# Probleme mit Schärfe



## Paddy2Fast (3. März 2008)

Hi!

Habe ein problem und zwar, bin ich grad an nem logodesign dran.
Dieses Logo wird mit der gd_lib auf Bilder dann eingebrannt. Unser altes Logo (.gif) sah auch super aus.

Habe mit CorelDraw nun ein neues gemacht welches auch wunderbar scharf ist. Exportier ich es, egal als was png oder gif (Ich muss es runterskalieren von 600 auf 150 pixel, aber schon beim exportieren) werden die striche "ratterig". Eingebrannt sieht das Logo miserabel aus.

An was liegt das? Das alte Logo ist ein .gif gewesen und "indiziert" irgendwie, sagt mir Photoshop.

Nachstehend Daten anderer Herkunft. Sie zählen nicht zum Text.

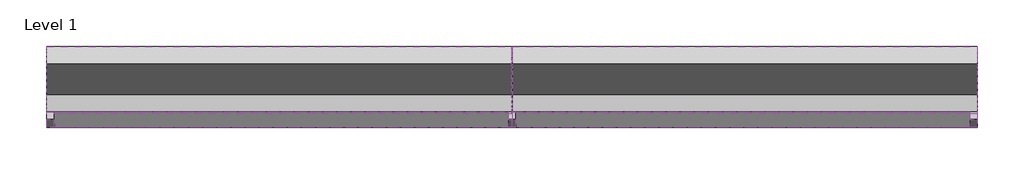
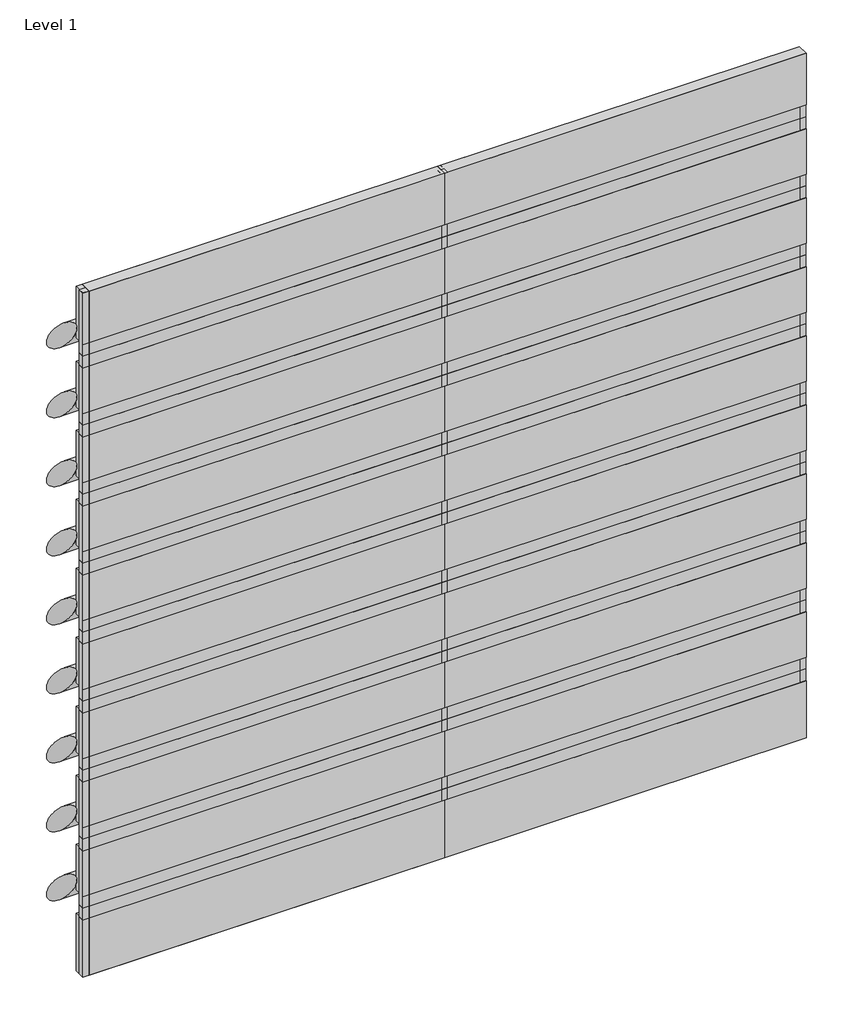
# One storey: 48 members, 40 plates.
"""IFC4 building model written with IfcOpenShell, lengths in millimetres."""

from ifc_helpers import new_model, si_unit, origin, place, context, project, spatial, transform, mapped, element, save
from components import rectangular_mullion_f0bcd2d9, rectangular_mullion_543a06af, rectangular_mullion_fcffcf6d, rectangular_mullion_1c998518, rectangular_mullion_4d0e3d15, rectangular_mullion_d8201ae5, rectangular_mullion_6e5ba28d, empty_system_panel_empty_d83849b1, empty_system_panel_empty_08c20342, empty_system_panel_empty_44b8d910, empty_system_panel_empty_714687c1, empty_system_panel_empty_0677d599

model = new_model("IFC4")

# Units and contexts
model_context = context("Model", 3, world=origin())
ifc_project = project(units=[si_unit("LENGTHUNIT", "METRE", prefix="MILLI")], contexts=[model_context])

# Site, building, storey
site = spatial("IfcSite", under=ifc_project)
building = spatial("IfcBuilding", under=site)
storey = spatial("IfcBuildingStorey", under=building, Name="Level 1", Elevation=0.0)

# Members
placement = place(None, origin())
rectangular_mullion_shape = rectangular_mullion_f0bcd2d9(model_context)
element("IfcMember", 1, ObjectType="Rectangular Mullion : RSen_21_CWM_blade - wing 600 - 45° perforated_gen_duco projects", at=placement, inside=storey, context=model_context, shape_type="MappedRepresentation", body=[
    mapped(rectangular_mullion_shape, transform((3000.0, 3000.0, 605.0), x_axis=(0.0, 0.0, 1.0), y_axis=(0.0, 1.0, 0.0), z_axis=(-1.0, 0.0, 0.0))),
])
element("IfcMember", 2, ObjectType="Rectangular Mullion : RSen_21_CWM_blade - wing 600 - 45° perforated_gen_duco projects", at=placement, inside=storey, context=model_context, shape_type="MappedRepresentation", body=[
    mapped(rectangular_mullion_shape, transform((3000.0, 3000.0, 1210.0), x_axis=(0.0, 0.0, 1.0), y_axis=(0.0, 1.0, 0.0), z_axis=(-1.0, 0.0, 0.0))),
])
element("IfcMember", 3, ObjectType="Rectangular Mullion : RSen_21_CWM_blade - wing 600 - 45° perforated_gen_duco projects", at=placement, inside=storey, context=model_context, shape_type="MappedRepresentation", body=[
    mapped(rectangular_mullion_shape, transform((3000.0, 3000.0, 1815.0), x_axis=(0.0, 0.0, 1.0), y_axis=(0.0, 1.0, 0.0), z_axis=(-1.0, 0.0, 0.0))),
])
element("IfcMember", 4, ObjectType="Rectangular Mullion : RSen_21_CWM_blade - wing 600 - 45° perforated_gen_duco projects", at=placement, inside=storey, context=model_context, shape_type="MappedRepresentation", body=[
    mapped(rectangular_mullion_shape, transform((3000.0, 3000.0, 2420.0), x_axis=(0.0, 0.0, 1.0), y_axis=(0.0, 1.0, 0.0), z_axis=(-1.0, 0.0, 0.0))),
])
element("IfcMember", 5, ObjectType="Rectangular Mullion : RSen_21_CWM_blade - wing 600 - 45° perforated_gen_duco projects", at=placement, inside=storey, context=model_context, shape_type="MappedRepresentation", body=[
    mapped(rectangular_mullion_shape, transform((3000.0, 3000.0, 3025.0), x_axis=(0.0, 0.0, 1.0), y_axis=(0.0, 1.0, 0.0), z_axis=(-1.0, 0.0, 0.0))),
])
element("IfcMember", 6, ObjectType="Rectangular Mullion : RSen_21_CWM_blade - wing 600 - 45° perforated_gen_duco projects", at=placement, inside=storey, context=model_context, shape_type="MappedRepresentation", body=[
    mapped(rectangular_mullion_shape, transform((3000.0, 3000.0, 3630.0), x_axis=(0.0, 0.0, 1.0), y_axis=(0.0, 1.0, 0.0), z_axis=(-1.0, 0.0, 0.0))),
])
element("IfcMember", 7, ObjectType="Rectangular Mullion : RSen_21_CWM_blade - wing 600 - 45° perforated_gen_duco projects", at=placement, inside=storey, context=model_context, shape_type="MappedRepresentation", body=[
    mapped(rectangular_mullion_shape, transform((3000.0, 3000.0, 4235.0), x_axis=(0.0, 0.0, 1.0), y_axis=(0.0, 1.0, 0.0), z_axis=(-1.0, 0.0, 0.0))),
])
element("IfcMember", 8, ObjectType="Rectangular Mullion : RSen_21_CWM_blade - wing 600 - 45° perforated_gen_duco projects", at=placement, inside=storey, context=model_context, shape_type="MappedRepresentation", body=[
    mapped(rectangular_mullion_shape, transform((3000.0, 3000.0, 4840.0), x_axis=(0.0, 0.0, 1.0), y_axis=(0.0, 1.0, 0.0), z_axis=(-1.0, 0.0, 0.0))),
])
element("IfcMember", 9, ObjectType="Rectangular Mullion : RSen_21_CWM_blade - wing 600 - 45° perforated_gen_duco projects", at=placement, inside=storey, context=model_context, shape_type="MappedRepresentation", body=[
    mapped(rectangular_mullion_shape, transform((3000.0, 3000.0, 5445.0), x_axis=(0.0, 0.0, 1.0), y_axis=(0.0, 1.0, 0.0), z_axis=(-1.0, 0.0, 0.0))),
])
element("IfcMember", 10, ObjectType="Rectangular Mullion : RSen_21_CWM_blade - wing 600 - 45° perforated_gen_duco projects", at=placement, inside=storey, context=model_context, shape_type="MappedRepresentation", body=[
    mapped(rectangular_mullion_shape, transform((0.0, 3000.0, 605.0), x_axis=(0.0, 0.0, 1.0), y_axis=(0.0, 1.0, 0.0), z_axis=(-1.0, 0.0, 0.0))),
])
element("IfcMember", 11, ObjectType="Rectangular Mullion : RSen_21_CWM_blade - wing 600 - 45° perforated_gen_duco projects", at=placement, inside=storey, context=model_context, shape_type="MappedRepresentation", body=[
    mapped(rectangular_mullion_shape, transform((0.0, 3000.0, 1210.0), x_axis=(0.0, 0.0, 1.0), y_axis=(0.0, 1.0, 0.0), z_axis=(-1.0, 0.0, 0.0))),
])
element("IfcMember", 12, ObjectType="Rectangular Mullion : RSen_21_CWM_blade - wing 600 - 45° perforated_gen_duco projects", at=placement, inside=storey, context=model_context, shape_type="MappedRepresentation", body=[
    mapped(rectangular_mullion_shape, transform((0.0, 3000.0, 1815.0), x_axis=(0.0, 0.0, 1.0), y_axis=(0.0, 1.0, 0.0), z_axis=(-1.0, 0.0, 0.0))),
])
element("IfcMember", 13, ObjectType="Rectangular Mullion : RSen_21_CWM_blade - wing 600 - 45° perforated_gen_duco projects", at=placement, inside=storey, context=model_context, shape_type="MappedRepresentation", body=[
    mapped(rectangular_mullion_shape, transform((0.0, 3000.0, 2420.0), x_axis=(0.0, 0.0, 1.0), y_axis=(0.0, 1.0, 0.0), z_axis=(-1.0, 0.0, 0.0))),
])
element("IfcMember", 14, ObjectType="Rectangular Mullion : RSen_21_CWM_blade - wing 600 - 45° perforated_gen_duco projects", at=placement, inside=storey, context=model_context, shape_type="MappedRepresentation", body=[
    mapped(rectangular_mullion_shape, transform((0.0, 3000.0, 3025.0), x_axis=(0.0, 0.0, 1.0), y_axis=(0.0, 1.0, 0.0), z_axis=(-1.0, 0.0, 0.0))),
])
element("IfcMember", 15, ObjectType="Rectangular Mullion : RSen_21_CWM_blade - wing 600 - 45° perforated_gen_duco projects", at=placement, inside=storey, context=model_context, shape_type="MappedRepresentation", body=[
    mapped(rectangular_mullion_shape, transform((0.0, 3000.0, 3630.0), x_axis=(0.0, 0.0, 1.0), y_axis=(0.0, 1.0, 0.0), z_axis=(-1.0, 0.0, 0.0))),
])
element("IfcMember", 16, ObjectType="Rectangular Mullion : RSen_21_CWM_blade - wing 600 - 45° perforated_gen_duco projects", at=placement, inside=storey, context=model_context, shape_type="MappedRepresentation", body=[
    mapped(rectangular_mullion_shape, transform((0.0, 3000.0, 4235.0), x_axis=(0.0, 0.0, 1.0), y_axis=(0.0, 1.0, 0.0), z_axis=(-1.0, 0.0, 0.0))),
])
element("IfcMember", 17, ObjectType="Rectangular Mullion : RSen_21_CWM_blade - wing 600 - 45° perforated_gen_duco projects", at=placement, inside=storey, context=model_context, shape_type="MappedRepresentation", body=[
    mapped(rectangular_mullion_shape, transform((0.0, 3000.0, 4840.0), x_axis=(0.0, 0.0, 1.0), y_axis=(0.0, 1.0, 0.0), z_axis=(-1.0, 0.0, 0.0))),
])
element("IfcMember", 18, ObjectType="Rectangular Mullion : RSen_21_CWM_blade - wing 600 - 45° perforated_gen_duco projects", at=placement, inside=storey, context=model_context, shape_type="MappedRepresentation", body=[
    mapped(rectangular_mullion_shape, transform((0.0, 3000.0, 5445.0), x_axis=(0.0, 0.0, 1.0), y_axis=(0.0, 1.0, 0.0), z_axis=(-1.0, 0.0, 0.0))),
])
rectangular_mullion_2_shape = rectangular_mullion_543a06af(model_context)
element("IfcMember", 19, ObjectType="Rectangular Mullion : RSen_21_CWM_support profile 50x50_gen_duco projects", at=placement, inside=storey, context=model_context, shape_type="MappedRepresentation", body=[
    mapped(rectangular_mullion_2_shape, transform((3000.0, 3000.0, 0.0), x_axis=(-1.0, 0.0, 0.0), y_axis=(0.0, 1.0, 0.0), z_axis=(0.0, 0.0, -1.0))),
])
element("IfcMember", 20, ObjectType="Rectangular Mullion : RSen_21_CWM_support profile 50x50_gen_duco projects", at=placement, inside=storey, context=model_context, shape_type="MappedRepresentation", body=[
    mapped(rectangular_mullion_2_shape, transform((3000.0, 3000.0, 605.0), x_axis=(-1.0, 0.0, 0.0), y_axis=(0.0, 1.0, 0.0), z_axis=(0.0, 0.0, -1.0))),
])
element("IfcMember", 21, ObjectType="Rectangular Mullion : RSen_21_CWM_support profile 50x50_gen_duco projects", at=placement, inside=storey, context=model_context, shape_type="MappedRepresentation", body=[
    mapped(rectangular_mullion_2_shape, transform((3000.0, 3000.0, 1210.0), x_axis=(-1.0, 0.0, 0.0), y_axis=(0.0, 1.0, 0.0), z_axis=(0.0, 0.0, -1.0))),
])
element("IfcMember", 22, ObjectType="Rectangular Mullion : RSen_21_CWM_support profile 50x50_gen_duco projects", at=placement, inside=storey, context=model_context, shape_type="MappedRepresentation", body=[
    mapped(rectangular_mullion_2_shape, transform((3000.0, 3000.0, 1815.0), x_axis=(-1.0, 0.0, 0.0), y_axis=(0.0, 1.0, 0.0), z_axis=(0.0, 0.0, -1.0))),
])
element("IfcMember", 23, ObjectType="Rectangular Mullion : RSen_21_CWM_support profile 50x50_gen_duco projects", at=placement, inside=storey, context=model_context, shape_type="MappedRepresentation", body=[
    mapped(rectangular_mullion_2_shape, transform((3000.0, 3000.0, 2420.0), x_axis=(-1.0, 0.0, 0.0), y_axis=(0.0, 1.0, 0.0), z_axis=(0.0, 0.0, -1.0))),
])
element("IfcMember", 24, ObjectType="Rectangular Mullion : RSen_21_CWM_support profile 50x50_gen_duco projects", at=placement, inside=storey, context=model_context, shape_type="MappedRepresentation", body=[
    mapped(rectangular_mullion_2_shape, transform((3000.0, 3000.0, 3025.0), x_axis=(-1.0, 0.0, 0.0), y_axis=(0.0, 1.0, 0.0), z_axis=(0.0, 0.0, -1.0))),
])
element("IfcMember", 25, ObjectType="Rectangular Mullion : RSen_21_CWM_support profile 50x50_gen_duco projects", at=placement, inside=storey, context=model_context, shape_type="MappedRepresentation", body=[
    mapped(rectangular_mullion_2_shape, transform((3000.0, 3000.0, 3630.0), x_axis=(-1.0, 0.0, 0.0), y_axis=(0.0, 1.0, 0.0), z_axis=(0.0, 0.0, -1.0))),
])
element("IfcMember", 26, ObjectType="Rectangular Mullion : RSen_21_CWM_support profile 50x50_gen_duco projects", at=placement, inside=storey, context=model_context, shape_type="MappedRepresentation", body=[
    mapped(rectangular_mullion_2_shape, transform((3000.0, 3000.0, 4235.0), x_axis=(-1.0, 0.0, 0.0), y_axis=(0.0, 1.0, 0.0), z_axis=(0.0, 0.0, -1.0))),
])
element("IfcMember", 27, ObjectType="Rectangular Mullion : RSen_21_CWM_support profile 50x50_gen_duco projects", at=placement, inside=storey, context=model_context, shape_type="MappedRepresentation", body=[
    mapped(rectangular_mullion_2_shape, transform((3000.0, 3000.0, 4840.0), x_axis=(-1.0, 0.0, 0.0), y_axis=(0.0, 1.0, 0.0), z_axis=(0.0, 0.0, -1.0))),
])
rectangular_mullion_3_shape = rectangular_mullion_fcffcf6d(model_context)
element("IfcMember", 28, ObjectType="Rectangular Mullion : RSen_21_CWM_support profile 50x50_gen_duco projects", at=placement, inside=storey, context=model_context, shape_type="MappedRepresentation", body=[
    mapped(rectangular_mullion_3_shape, transform((3000.0, 3000.0, 5445.0), x_axis=(-1.0, 0.0, 0.0), y_axis=(0.0, 1.0, 0.0), z_axis=(0.0, 0.0, -1.0))),
])
rectangular_mullion_4_shape = rectangular_mullion_1c998518(model_context)
element("IfcMember", 29, ObjectType="Rectangular Mullion : RSen_21_CWM_support profile 50x50 - left_gen_duco projects", at=placement, inside=storey, context=model_context, shape_type="MappedRepresentation", body=[
    mapped(rectangular_mullion_4_shape, transform((0.0, 3000.0, 0.0), x_axis=(-1.0, 0.0, 0.0), y_axis=(0.0, 1.0, 0.0), z_axis=(0.0, 0.0, -1.0))),
])
rectangular_mullion_5_shape = rectangular_mullion_4d0e3d15(model_context)
element("IfcMember", 30, ObjectType="Rectangular Mullion : RSen_21_CWM_support profile 50x50 - right_gen_duco projects", at=placement, inside=storey, context=model_context, shape_type="MappedRepresentation", body=[
    mapped(rectangular_mullion_5_shape, transform((6000.0, 3000.0, 6000.0), x_axis=(1.0, 0.0, 0.0), y_axis=(0.0, 1.0, 0.0), z_axis=(0.0, 0.0, 1.0))),
])
element("IfcMember", 31, ObjectType="Rectangular Mullion : RSen_21_CWM_support profile 50x50 - left_gen_duco projects", at=placement, inside=storey, context=model_context, shape_type="MappedRepresentation", body=[
    mapped(rectangular_mullion_4_shape, transform((0.0, 3000.0, 605.0), x_axis=(-1.0, 0.0, 0.0), y_axis=(0.0, 1.0, 0.0), z_axis=(0.0, 0.0, -1.0))),
])
element("IfcMember", 32, ObjectType="Rectangular Mullion : RSen_21_CWM_support profile 50x50 - left_gen_duco projects", at=placement, inside=storey, context=model_context, shape_type="MappedRepresentation", body=[
    mapped(rectangular_mullion_4_shape, transform((0.0, 3000.0, 1210.0), x_axis=(-1.0, 0.0, 0.0), y_axis=(0.0, 1.0, 0.0), z_axis=(0.0, 0.0, -1.0))),
])
element("IfcMember", 33, ObjectType="Rectangular Mullion : RSen_21_CWM_support profile 50x50 - left_gen_duco projects", at=placement, inside=storey, context=model_context, shape_type="MappedRepresentation", body=[
    mapped(rectangular_mullion_4_shape, transform((0.0, 3000.0, 1815.0), x_axis=(-1.0, 0.0, 0.0), y_axis=(0.0, 1.0, 0.0), z_axis=(0.0, 0.0, -1.0))),
])
element("IfcMember", 34, ObjectType="Rectangular Mullion : RSen_21_CWM_support profile 50x50 - left_gen_duco projects", at=placement, inside=storey, context=model_context, shape_type="MappedRepresentation", body=[
    mapped(rectangular_mullion_4_shape, transform((0.0, 3000.0, 2420.0), x_axis=(-1.0, 0.0, 0.0), y_axis=(0.0, 1.0, 0.0), z_axis=(0.0, 0.0, -1.0))),
])
element("IfcMember", 35, ObjectType="Rectangular Mullion : RSen_21_CWM_support profile 50x50 - left_gen_duco projects", at=placement, inside=storey, context=model_context, shape_type="MappedRepresentation", body=[
    mapped(rectangular_mullion_4_shape, transform((0.0, 3000.0, 3025.0), x_axis=(-1.0, 0.0, 0.0), y_axis=(0.0, 1.0, 0.0), z_axis=(0.0, 0.0, -1.0))),
])
element("IfcMember", 36, ObjectType="Rectangular Mullion : RSen_21_CWM_support profile 50x50 - left_gen_duco projects", at=placement, inside=storey, context=model_context, shape_type="MappedRepresentation", body=[
    mapped(rectangular_mullion_4_shape, transform((0.0, 3000.0, 3630.0), x_axis=(-1.0, 0.0, 0.0), y_axis=(0.0, 1.0, 0.0), z_axis=(0.0, 0.0, -1.0))),
])
element("IfcMember", 37, ObjectType="Rectangular Mullion : RSen_21_CWM_support profile 50x50 - left_gen_duco projects", at=placement, inside=storey, context=model_context, shape_type="MappedRepresentation", body=[
    mapped(rectangular_mullion_4_shape, transform((0.0, 3000.0, 4235.0), x_axis=(-1.0, 0.0, 0.0), y_axis=(0.0, 1.0, 0.0), z_axis=(0.0, 0.0, -1.0))),
])
element("IfcMember", 38, ObjectType="Rectangular Mullion : RSen_21_CWM_support profile 50x50 - left_gen_duco projects", at=placement, inside=storey, context=model_context, shape_type="MappedRepresentation", body=[
    mapped(rectangular_mullion_4_shape, transform((0.0, 3000.0, 4840.0), x_axis=(-1.0, 0.0, 0.0), y_axis=(0.0, 1.0, 0.0), z_axis=(0.0, 0.0, -1.0))),
])
rectangular_mullion_6_shape = rectangular_mullion_d8201ae5(model_context)
element("IfcMember", 39, ObjectType="Rectangular Mullion : RSen_21_CWM_support profile 50x50 - left_gen_duco projects", at=placement, inside=storey, context=model_context, shape_type="MappedRepresentation", body=[
    mapped(rectangular_mullion_6_shape, transform((0.0, 3000.0, 5445.0), x_axis=(-1.0, 0.0, 0.0), y_axis=(0.0, 1.0, 0.0), z_axis=(0.0, 0.0, -1.0))),
])
rectangular_mullion_7_shape = rectangular_mullion_6e5ba28d(model_context)
element("IfcMember", 40, ObjectType="Rectangular Mullion : RSen_21_CWM_support profile 50x50 - right_gen_duco projects", at=placement, inside=storey, context=model_context, shape_type="MappedRepresentation", body=[
    mapped(rectangular_mullion_7_shape, transform((6000.0, 3000.0, 605.0), x_axis=(1.0, 0.0, 0.0), y_axis=(0.0, 1.0, 0.0), z_axis=(0.0, 0.0, 1.0))),
])
element("IfcMember", 41, ObjectType="Rectangular Mullion : RSen_21_CWM_support profile 50x50 - right_gen_duco projects", at=placement, inside=storey, context=model_context, shape_type="MappedRepresentation", body=[
    mapped(rectangular_mullion_7_shape, transform((6000.0, 3000.0, 1210.0), x_axis=(1.0, 0.0, 0.0), y_axis=(0.0, 1.0, 0.0), z_axis=(0.0, 0.0, 1.0))),
])
element("IfcMember", 42, ObjectType="Rectangular Mullion : RSen_21_CWM_support profile 50x50 - right_gen_duco projects", at=placement, inside=storey, context=model_context, shape_type="MappedRepresentation", body=[
    mapped(rectangular_mullion_7_shape, transform((6000.0, 3000.0, 1815.0), x_axis=(1.0, 0.0, 0.0), y_axis=(0.0, 1.0, 0.0), z_axis=(0.0, 0.0, 1.0))),
])
element("IfcMember", 43, ObjectType="Rectangular Mullion : RSen_21_CWM_support profile 50x50 - right_gen_duco projects", at=placement, inside=storey, context=model_context, shape_type="MappedRepresentation", body=[
    mapped(rectangular_mullion_7_shape, transform((6000.0, 3000.0, 2420.0), x_axis=(1.0, 0.0, 0.0), y_axis=(0.0, 1.0, 0.0), z_axis=(0.0, 0.0, 1.0))),
])
element("IfcMember", 44, ObjectType="Rectangular Mullion : RSen_21_CWM_support profile 50x50 - right_gen_duco projects", at=placement, inside=storey, context=model_context, shape_type="MappedRepresentation", body=[
    mapped(rectangular_mullion_7_shape, transform((6000.0, 3000.0, 3025.0), x_axis=(1.0, 0.0, 0.0), y_axis=(0.0, 1.0, 0.0), z_axis=(0.0, 0.0, 1.0))),
])
element("IfcMember", 45, ObjectType="Rectangular Mullion : RSen_21_CWM_support profile 50x50 - right_gen_duco projects", at=placement, inside=storey, context=model_context, shape_type="MappedRepresentation", body=[
    mapped(rectangular_mullion_7_shape, transform((6000.0, 3000.0, 3630.0), x_axis=(1.0, 0.0, 0.0), y_axis=(0.0, 1.0, 0.0), z_axis=(0.0, 0.0, 1.0))),
])
element("IfcMember", 46, ObjectType="Rectangular Mullion : RSen_21_CWM_support profile 50x50 - right_gen_duco projects", at=placement, inside=storey, context=model_context, shape_type="MappedRepresentation", body=[
    mapped(rectangular_mullion_7_shape, transform((6000.0, 3000.0, 4235.0), x_axis=(1.0, 0.0, 0.0), y_axis=(0.0, 1.0, 0.0), z_axis=(0.0, 0.0, 1.0))),
])
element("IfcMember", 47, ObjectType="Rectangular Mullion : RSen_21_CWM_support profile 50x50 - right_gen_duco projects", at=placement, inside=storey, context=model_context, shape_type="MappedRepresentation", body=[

Ich hoffe ihr könnt mir helfen!


----------



## ink (3. März 2008)

Hmm, hast du vielleicht n Beispielbild?
So auf Anhieb würde ich sagen, dass die Striche einfach durch die
extreme Verkleinerung "abreißen".
Lösung könnte sein dass du die Strichstärke einfach erhöhst.
Ist nur mein erster Gedanke.

mfg


----------



## Jan-Frederik Stieler (4. März 2008)

HI,
was genau meinst du mir "ratterig"?.
Vielleicht hast du ja das Antialising beim Exportieren ausgeschaltet?
Und was die indizierten Farben angeht das kannst du hier nachlesen:
http://de.wikipedia.org/wiki/Indizierte_Farben

Viele Grüße


----------